Effectively no. Under IRC Section 6501(c)(8), failing to file required information like Form 5472 can hold the assessment period open for the entire return, so the penalty exposure does not expire the way ordinary tax assessments do.
The reason a missed Form 5472 never becomes “safe” lies in a different statute: IRC §6501(c)(8). Ordinarily, the IRS has three years to assess tax (six in some cases). But §6501(c)(8) provides that when required information under provisions including §6038A is not furnished, the limitations period does not begin to run — and can stay open for the entire return — until the information is filed.
| Rule | Effect |
|---|---|
| Ordinary assessment period | 3 years (IRC §6501(a)) |
| Failure to furnish §6038A information | Period suspended until filed (IRC §6501(c)(8)) |
| Practical result for unfiled Form 5472 | No effective statute of limitations |
| How to start the clock | File the delinquent Form 5472 |
Source: IRC §6501(a), §6501(c)(8); §6038A. Verified June 2026.
The practical takeaway is the same one the missed Form 5472 guide stresses: because the clock does not run while the form is unfiled, the only way to start it — and to limit exposure — is to file the delinquent return.
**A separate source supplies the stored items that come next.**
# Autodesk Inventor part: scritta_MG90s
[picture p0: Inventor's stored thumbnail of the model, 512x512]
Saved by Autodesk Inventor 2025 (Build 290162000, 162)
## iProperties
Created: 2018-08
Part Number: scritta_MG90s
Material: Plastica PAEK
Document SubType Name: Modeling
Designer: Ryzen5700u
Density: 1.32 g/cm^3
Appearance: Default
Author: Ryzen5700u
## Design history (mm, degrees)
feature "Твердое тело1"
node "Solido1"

Section 6038A(a) requires a reporting corporation to keep records sufficient to establish the correctness of its return, substantiating each reportable transaction with a related party. Failure to maintain records carries its own $25,000 penalty.
Reporting is only half of §6038A. Subsection (a) imposes a parallel record-keepingobligation: a reporting corporation must maintain records sufficient to establish the correctness of its federal income tax return, including the amount and nature of each reportable transaction with a related party. The regulations at Treas. Reg. §1.6038A-3 detail the scope.
For a small foreign-owned LLC, satisfying this duty is straightforward in principle: keep bank statements, the operating agreement, loan agreements, invoices, and a ledger of money moving between the owner and the entity. The danger is that a separate $25,000 penalty under §6038A(d) applies to a failure to keep these records — independent of, and in addition to, any penalty for not filing the form.
Section 6038A(e) lets the IRS require the foreign owner to authorize the US entity to act as its agent for summonses. Failure to act as agent can lead to the IRS determining transaction amounts itself and applying noncompliance penalties.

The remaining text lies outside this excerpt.